In set theory, the concept of intersection is fundamental. The intersection of two sets, denoted as \( A \cap B \), is a set containing all elements that are common to both \( A \) and \( B \). If an element is in both sets \( A \) and \( B \), it will also be in \( A \cap B \). This is what intersection means in mathematical terms. Basic features include:

• Only elements present in both sets are included in the intersection.
• If \( A \cap B \) results in an empty set, it means there are no shared elements.

For example, if \( A = \{1, 2, 3\} \) and \( B = \{2, 3, 4\} \), then \( A \cap B = \{2, 3\} \) because 2 and 3 are present in both sets. Understanding the intersection helps in analyzing how sets relate to each other, especially when proving statements involving subsets and other set operations.
It is a crucial part of the exercise where we need to explore how the intersection \( A \cap B = A \) interacts with the idea of subsets.

A subset is another central concept in set theory. We say \( A \) is a subset of \( B \), written as \( A \subseteq B \), if every element of \( A \) is also an element of \( B \). Subsets are about containment; if \( A \subseteq B \), then \( A \) is contained completely within \( B \).

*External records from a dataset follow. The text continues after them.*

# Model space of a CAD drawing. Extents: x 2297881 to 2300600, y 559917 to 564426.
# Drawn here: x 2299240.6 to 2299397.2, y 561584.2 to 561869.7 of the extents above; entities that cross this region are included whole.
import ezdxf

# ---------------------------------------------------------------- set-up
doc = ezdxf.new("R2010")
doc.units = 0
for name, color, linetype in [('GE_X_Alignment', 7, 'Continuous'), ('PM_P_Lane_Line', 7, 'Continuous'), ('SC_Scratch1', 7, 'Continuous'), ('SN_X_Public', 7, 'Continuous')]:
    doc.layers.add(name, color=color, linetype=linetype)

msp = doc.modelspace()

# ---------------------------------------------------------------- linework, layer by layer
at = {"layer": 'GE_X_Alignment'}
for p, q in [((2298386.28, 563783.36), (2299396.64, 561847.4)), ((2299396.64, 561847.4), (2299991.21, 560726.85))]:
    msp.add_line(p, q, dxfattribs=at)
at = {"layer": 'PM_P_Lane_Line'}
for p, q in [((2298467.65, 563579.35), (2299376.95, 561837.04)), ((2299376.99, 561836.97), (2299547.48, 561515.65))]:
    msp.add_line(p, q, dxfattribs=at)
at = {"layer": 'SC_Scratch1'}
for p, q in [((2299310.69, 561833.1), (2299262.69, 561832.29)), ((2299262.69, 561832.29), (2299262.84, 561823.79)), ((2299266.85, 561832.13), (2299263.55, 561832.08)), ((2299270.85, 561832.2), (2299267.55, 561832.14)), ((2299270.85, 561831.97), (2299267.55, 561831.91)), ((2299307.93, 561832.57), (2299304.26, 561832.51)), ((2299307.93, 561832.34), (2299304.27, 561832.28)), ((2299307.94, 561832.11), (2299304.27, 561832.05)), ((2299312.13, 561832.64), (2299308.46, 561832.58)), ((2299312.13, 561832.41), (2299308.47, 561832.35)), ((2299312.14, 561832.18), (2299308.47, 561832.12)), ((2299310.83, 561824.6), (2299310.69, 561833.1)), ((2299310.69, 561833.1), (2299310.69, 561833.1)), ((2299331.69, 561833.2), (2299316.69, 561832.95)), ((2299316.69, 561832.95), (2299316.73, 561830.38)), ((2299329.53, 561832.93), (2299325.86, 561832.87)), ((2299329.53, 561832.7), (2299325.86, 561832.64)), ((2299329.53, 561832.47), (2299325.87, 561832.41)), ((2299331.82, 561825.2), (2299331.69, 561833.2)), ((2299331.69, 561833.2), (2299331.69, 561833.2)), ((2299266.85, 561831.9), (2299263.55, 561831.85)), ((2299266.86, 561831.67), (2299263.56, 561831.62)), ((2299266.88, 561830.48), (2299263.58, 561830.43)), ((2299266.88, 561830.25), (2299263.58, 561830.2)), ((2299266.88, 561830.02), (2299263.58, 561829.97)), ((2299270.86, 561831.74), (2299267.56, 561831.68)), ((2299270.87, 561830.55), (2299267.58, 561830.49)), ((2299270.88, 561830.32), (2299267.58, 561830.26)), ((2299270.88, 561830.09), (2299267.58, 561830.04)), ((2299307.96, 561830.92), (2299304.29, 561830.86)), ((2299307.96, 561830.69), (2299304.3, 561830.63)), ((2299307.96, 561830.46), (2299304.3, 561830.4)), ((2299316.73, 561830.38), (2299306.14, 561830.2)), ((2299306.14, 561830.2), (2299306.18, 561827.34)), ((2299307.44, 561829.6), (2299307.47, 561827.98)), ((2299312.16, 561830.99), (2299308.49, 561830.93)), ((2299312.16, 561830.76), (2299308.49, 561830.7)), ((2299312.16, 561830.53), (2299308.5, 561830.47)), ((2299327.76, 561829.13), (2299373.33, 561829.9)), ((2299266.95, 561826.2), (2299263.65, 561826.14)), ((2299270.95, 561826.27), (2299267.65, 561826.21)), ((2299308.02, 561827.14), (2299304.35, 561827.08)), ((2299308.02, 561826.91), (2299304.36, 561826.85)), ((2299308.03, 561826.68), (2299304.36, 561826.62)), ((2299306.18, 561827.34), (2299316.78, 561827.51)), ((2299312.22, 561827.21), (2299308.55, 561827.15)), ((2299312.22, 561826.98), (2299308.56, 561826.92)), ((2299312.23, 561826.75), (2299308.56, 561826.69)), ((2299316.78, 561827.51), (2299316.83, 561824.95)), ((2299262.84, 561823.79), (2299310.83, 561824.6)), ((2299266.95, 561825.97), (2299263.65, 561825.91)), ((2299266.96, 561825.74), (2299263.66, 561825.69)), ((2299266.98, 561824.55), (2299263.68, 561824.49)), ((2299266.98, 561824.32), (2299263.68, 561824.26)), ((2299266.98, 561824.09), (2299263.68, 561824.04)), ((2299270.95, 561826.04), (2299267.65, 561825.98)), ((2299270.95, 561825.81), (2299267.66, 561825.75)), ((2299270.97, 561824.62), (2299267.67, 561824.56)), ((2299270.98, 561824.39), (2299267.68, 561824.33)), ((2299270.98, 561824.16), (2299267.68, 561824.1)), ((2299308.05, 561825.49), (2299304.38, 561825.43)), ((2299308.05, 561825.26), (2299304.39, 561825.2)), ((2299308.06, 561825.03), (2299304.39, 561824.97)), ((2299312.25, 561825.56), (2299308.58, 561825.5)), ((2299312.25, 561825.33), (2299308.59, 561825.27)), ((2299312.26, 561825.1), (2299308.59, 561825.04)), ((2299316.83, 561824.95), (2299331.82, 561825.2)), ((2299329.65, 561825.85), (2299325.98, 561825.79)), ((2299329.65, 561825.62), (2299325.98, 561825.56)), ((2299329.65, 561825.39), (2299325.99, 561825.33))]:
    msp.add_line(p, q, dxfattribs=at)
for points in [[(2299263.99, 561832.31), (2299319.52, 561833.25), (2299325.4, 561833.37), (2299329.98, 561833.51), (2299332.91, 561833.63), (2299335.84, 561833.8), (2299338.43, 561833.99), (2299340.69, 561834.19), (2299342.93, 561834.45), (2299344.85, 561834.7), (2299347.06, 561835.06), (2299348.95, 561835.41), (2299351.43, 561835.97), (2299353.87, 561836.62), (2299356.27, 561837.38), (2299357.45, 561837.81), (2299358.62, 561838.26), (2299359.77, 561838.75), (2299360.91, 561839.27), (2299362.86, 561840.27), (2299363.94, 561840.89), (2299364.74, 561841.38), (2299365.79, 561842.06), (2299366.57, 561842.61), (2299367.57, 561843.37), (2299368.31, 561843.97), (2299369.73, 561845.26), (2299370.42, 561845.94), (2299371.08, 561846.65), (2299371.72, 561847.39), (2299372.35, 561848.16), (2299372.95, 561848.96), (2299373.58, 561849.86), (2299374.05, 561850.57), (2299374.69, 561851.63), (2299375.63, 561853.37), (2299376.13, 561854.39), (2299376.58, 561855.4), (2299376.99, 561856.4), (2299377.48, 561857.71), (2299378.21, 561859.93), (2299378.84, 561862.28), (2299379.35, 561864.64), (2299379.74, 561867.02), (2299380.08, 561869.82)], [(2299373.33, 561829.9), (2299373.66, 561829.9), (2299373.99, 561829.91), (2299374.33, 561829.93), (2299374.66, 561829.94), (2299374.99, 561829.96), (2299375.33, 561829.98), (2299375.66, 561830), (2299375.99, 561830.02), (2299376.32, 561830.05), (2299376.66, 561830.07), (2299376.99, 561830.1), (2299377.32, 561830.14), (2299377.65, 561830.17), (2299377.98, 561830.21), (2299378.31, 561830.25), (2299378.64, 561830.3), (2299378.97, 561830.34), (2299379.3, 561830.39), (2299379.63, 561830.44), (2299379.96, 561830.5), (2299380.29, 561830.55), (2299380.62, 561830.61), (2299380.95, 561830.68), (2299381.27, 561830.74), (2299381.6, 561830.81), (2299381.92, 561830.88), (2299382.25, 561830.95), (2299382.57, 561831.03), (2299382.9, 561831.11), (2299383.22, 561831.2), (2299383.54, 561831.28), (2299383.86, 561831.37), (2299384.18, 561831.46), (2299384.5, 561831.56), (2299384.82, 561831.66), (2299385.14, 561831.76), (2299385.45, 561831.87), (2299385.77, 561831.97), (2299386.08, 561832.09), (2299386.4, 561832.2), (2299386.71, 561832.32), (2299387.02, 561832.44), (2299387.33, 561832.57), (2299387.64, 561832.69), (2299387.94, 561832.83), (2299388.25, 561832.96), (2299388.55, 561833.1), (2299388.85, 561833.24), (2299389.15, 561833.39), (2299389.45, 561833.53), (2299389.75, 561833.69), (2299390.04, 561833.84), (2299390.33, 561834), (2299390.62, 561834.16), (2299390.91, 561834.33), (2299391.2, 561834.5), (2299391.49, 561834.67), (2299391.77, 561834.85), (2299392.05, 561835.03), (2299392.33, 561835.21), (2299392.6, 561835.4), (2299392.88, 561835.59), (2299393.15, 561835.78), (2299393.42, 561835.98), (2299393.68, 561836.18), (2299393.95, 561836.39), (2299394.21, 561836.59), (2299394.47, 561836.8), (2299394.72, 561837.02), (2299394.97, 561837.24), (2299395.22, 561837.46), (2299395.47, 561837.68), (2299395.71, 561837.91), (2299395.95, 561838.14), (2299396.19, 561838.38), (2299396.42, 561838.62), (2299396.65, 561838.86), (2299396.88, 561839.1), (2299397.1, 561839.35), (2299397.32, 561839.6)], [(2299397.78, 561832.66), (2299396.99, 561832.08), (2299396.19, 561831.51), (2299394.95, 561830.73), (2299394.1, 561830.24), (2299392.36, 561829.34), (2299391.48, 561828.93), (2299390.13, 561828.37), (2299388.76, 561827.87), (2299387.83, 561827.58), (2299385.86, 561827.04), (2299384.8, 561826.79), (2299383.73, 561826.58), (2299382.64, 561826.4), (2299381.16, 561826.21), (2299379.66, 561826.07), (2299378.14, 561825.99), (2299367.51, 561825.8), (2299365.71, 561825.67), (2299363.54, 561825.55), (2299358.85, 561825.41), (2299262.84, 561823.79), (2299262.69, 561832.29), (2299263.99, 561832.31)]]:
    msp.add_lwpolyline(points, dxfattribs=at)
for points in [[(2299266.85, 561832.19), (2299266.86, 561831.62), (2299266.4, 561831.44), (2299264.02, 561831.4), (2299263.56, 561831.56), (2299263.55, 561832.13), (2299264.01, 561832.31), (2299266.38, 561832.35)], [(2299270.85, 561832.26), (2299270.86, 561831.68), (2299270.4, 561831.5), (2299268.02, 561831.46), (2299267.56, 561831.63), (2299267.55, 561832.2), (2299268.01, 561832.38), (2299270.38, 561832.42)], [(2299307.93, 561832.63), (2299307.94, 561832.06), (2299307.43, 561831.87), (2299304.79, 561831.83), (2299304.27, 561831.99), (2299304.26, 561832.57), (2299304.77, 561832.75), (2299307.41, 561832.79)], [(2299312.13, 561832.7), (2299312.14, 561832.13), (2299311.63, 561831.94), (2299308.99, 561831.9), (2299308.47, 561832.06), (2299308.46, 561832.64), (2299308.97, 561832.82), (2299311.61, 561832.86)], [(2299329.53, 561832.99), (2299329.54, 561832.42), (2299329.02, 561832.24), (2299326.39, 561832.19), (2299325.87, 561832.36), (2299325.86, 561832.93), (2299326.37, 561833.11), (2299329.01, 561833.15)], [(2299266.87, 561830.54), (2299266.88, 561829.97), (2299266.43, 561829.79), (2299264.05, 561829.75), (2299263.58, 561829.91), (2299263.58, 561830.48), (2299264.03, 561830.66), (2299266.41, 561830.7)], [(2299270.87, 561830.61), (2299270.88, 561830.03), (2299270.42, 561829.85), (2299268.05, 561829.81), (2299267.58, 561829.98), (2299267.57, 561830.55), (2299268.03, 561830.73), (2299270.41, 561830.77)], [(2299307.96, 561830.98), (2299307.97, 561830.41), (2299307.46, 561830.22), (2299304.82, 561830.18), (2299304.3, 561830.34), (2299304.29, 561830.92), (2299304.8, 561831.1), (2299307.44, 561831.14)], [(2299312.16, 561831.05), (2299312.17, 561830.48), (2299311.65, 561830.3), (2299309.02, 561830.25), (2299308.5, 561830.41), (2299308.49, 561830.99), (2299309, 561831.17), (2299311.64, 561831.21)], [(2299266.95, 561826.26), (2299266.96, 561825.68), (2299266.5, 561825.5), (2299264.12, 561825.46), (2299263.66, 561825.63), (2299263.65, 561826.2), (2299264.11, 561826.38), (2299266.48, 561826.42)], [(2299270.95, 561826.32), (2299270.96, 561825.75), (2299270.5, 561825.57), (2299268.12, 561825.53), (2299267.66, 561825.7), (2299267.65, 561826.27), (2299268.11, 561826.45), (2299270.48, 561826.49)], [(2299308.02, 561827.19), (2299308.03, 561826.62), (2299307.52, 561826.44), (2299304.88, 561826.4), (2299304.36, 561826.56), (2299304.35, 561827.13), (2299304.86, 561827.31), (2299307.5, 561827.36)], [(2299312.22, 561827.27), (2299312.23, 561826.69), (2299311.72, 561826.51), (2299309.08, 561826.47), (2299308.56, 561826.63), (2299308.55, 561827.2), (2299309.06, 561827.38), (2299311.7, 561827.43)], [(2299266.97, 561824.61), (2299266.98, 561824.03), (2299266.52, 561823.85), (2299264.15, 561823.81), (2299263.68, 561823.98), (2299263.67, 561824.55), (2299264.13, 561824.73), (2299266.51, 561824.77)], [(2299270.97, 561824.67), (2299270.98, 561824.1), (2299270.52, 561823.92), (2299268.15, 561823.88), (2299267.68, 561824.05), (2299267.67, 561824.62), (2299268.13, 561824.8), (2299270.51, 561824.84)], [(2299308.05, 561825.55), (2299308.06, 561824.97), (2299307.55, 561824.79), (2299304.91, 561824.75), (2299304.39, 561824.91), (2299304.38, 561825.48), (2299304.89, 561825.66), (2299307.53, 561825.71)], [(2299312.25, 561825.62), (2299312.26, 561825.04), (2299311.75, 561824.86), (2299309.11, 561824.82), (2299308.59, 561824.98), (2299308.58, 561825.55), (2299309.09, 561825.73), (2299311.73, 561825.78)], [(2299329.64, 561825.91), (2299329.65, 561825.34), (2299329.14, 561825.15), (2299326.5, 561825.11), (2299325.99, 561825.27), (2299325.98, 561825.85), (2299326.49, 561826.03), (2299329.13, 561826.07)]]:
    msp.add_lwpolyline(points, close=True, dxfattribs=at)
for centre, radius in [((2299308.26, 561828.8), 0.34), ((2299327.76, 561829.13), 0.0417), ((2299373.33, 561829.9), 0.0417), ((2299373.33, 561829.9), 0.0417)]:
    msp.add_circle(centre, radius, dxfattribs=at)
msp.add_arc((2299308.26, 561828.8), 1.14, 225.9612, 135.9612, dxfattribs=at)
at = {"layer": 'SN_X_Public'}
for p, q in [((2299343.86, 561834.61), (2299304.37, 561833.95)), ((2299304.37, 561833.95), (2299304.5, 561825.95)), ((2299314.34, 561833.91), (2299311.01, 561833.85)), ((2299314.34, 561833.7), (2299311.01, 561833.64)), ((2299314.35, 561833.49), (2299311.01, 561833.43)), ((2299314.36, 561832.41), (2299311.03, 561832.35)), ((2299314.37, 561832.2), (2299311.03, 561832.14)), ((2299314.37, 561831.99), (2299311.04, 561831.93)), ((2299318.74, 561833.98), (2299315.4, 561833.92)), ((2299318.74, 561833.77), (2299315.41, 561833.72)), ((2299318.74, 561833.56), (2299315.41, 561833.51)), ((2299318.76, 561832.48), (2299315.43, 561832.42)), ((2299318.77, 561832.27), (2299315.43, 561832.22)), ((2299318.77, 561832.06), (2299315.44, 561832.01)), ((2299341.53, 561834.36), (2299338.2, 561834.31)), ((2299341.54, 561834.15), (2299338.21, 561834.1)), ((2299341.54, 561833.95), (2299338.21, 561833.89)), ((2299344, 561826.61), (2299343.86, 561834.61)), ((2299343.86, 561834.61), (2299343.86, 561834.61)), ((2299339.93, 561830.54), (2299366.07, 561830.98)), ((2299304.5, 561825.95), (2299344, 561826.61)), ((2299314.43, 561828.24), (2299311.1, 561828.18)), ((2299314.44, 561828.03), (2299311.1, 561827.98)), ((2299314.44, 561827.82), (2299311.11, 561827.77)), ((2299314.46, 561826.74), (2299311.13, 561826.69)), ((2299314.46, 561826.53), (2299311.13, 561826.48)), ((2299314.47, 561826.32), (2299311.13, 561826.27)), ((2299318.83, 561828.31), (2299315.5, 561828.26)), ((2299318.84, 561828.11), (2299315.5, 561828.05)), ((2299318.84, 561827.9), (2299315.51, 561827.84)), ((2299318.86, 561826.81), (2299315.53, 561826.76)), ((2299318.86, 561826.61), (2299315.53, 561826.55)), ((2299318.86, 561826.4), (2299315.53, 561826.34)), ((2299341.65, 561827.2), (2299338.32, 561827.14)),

• If \( A \subseteq B \), then it's possible that \( A = B \), making them equal sets.
• The empty set is a subset of every set.

For instance, if \( A = \{1, 2\} \) and \( B = \{1, 2, 3, 4\} \), then \( A \subseteq B \) because all elements of \( A \) (1 and 2) are found in \( B \). Subsets are crucial as they provide a framework for understanding and proving more complex relationships, like the one in this exercise, where \( A \cap B = A \) implies \( A \subseteq B \). In this case, the intersection being equal to \( A \) suggests \( A \) must lie entirely within \( B \).
This links the idea of intersection to subset definitions, forming the basis of the proof.

A biconditional statement is a logical sentence that expresses "if and only if" conditions. Denoted as \( p \Longleftrightarrow q \), it means \( p \) if and only if \( q \). To prove a biconditional statement true, you must demonstrate both \( p \Rightarrow q \) (if \( p \), then \( q \)) and \( q \Rightarrow p \) (if \( q \), then \( p \)).

• It creates a strong equivalence between two statements, implying that they always occur together.
• If one part is false, the other must necessarily be false for the biconditional to hold.

In our exercise, we prove \( A \cap B = A \Longleftrightarrow A \subseteq B \). This requires showing:1. \( A \cap B = A \) leads to \( A \subseteq B \). If their intersection is all of \( A \), then \( A \) is necessarily within \( B \).2. \( A \subseteq B \) implies \( A \cap B = A \). Here, since all elements of \( A \) are in \( B \), their intersection with \( B \) is all of \( A \).Successfully arguing both directions provides a comprehensive understanding of the bidirectional relationship inherent in biconditional statements.